Alberto Savoia, the CTO and co-founder of Agitar software, talks about their new AgitarOne, a tool for dealing with what some call "the steaming pile of legacy code". Legacy in this context is the code hasn't been unit tested. Agitar's new tool allows full automation to aid in testing of new and legacy code. Out of the box, AgitarOne generates basic unit tests for at least 80% of the code in a project in a matter of hours, even if the sources for some of the classes aren't available. Development teams can then reduce the risk of changing business applications and focus their energy on optimizing the tests and generating new application logic.

Agitar also offers a free service, Junit Factory, for automatic generation of Java code JUnit tests that characterize specific code behavior.
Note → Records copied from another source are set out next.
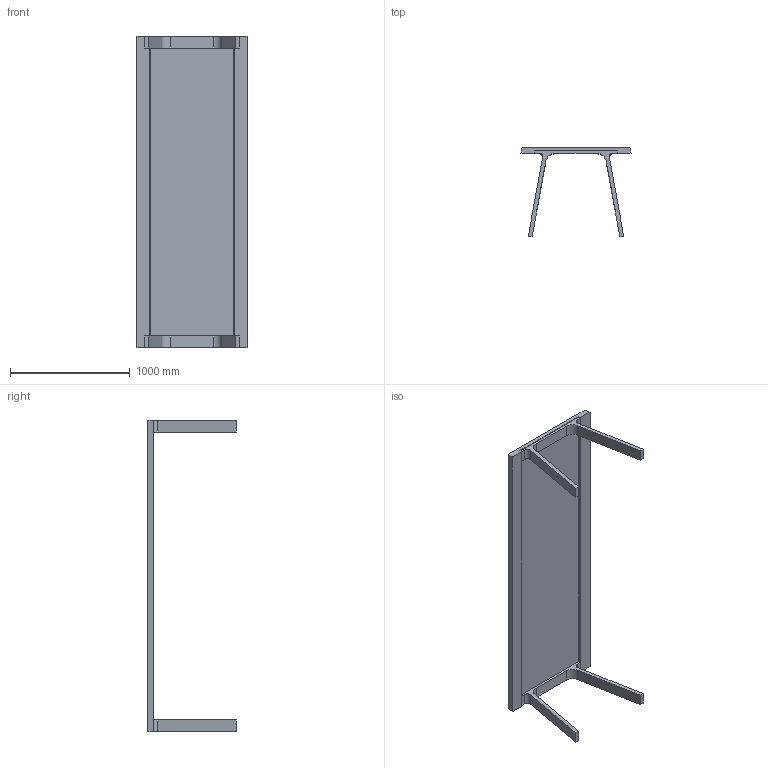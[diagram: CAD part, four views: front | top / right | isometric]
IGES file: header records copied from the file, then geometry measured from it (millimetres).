
Start section: SolidWorks IGES file using analytic representation for surfaces
Global section: file name: G:\Product Info\Doble\3D\solidworks\Doble 260x90x74.IGS; native system: SolidWorks 2008; preprocessor: SolidWorks 2008; author: remko; date: 080826.135705; units: millimetre
Bounding box: 917.63 x 740 x 2600 mm (x, y, z)
Surface area: 6042330.9 mm2 (no closed solid volume)
Topology: 0 solids, 0 shells, 46 faces, 356 edges, 356 vertices
Faces by surface type: bspline 36, revolution 10

JUnit Factory has the same underlying technology as AgitarOne, but only provides JUnit generation; it's a good way of gauging this technology's capabilities.

The tools only take you so far since they generate tests that characterize the actual behavior of the code. Alberto shares his wisdom with us on how to develop an all-encompassing approach to testing in his book The Way of Testivus (PDF download, 500 KB), also available in paper upon request from Agitar Software.

Alberto Savoia co-founded Agitar in June 2002. Before Agitar, he worked at Google as the engineering manager in charge of the highly successful and profitable ads group. In October 1998 he co-founded and became CTO of Velogic, Inc., the pioneer in Internet performance and scalability testing, acquired by Keynote Systems in 2000. You can learn more from Alberto in his blog, hosted at Artima.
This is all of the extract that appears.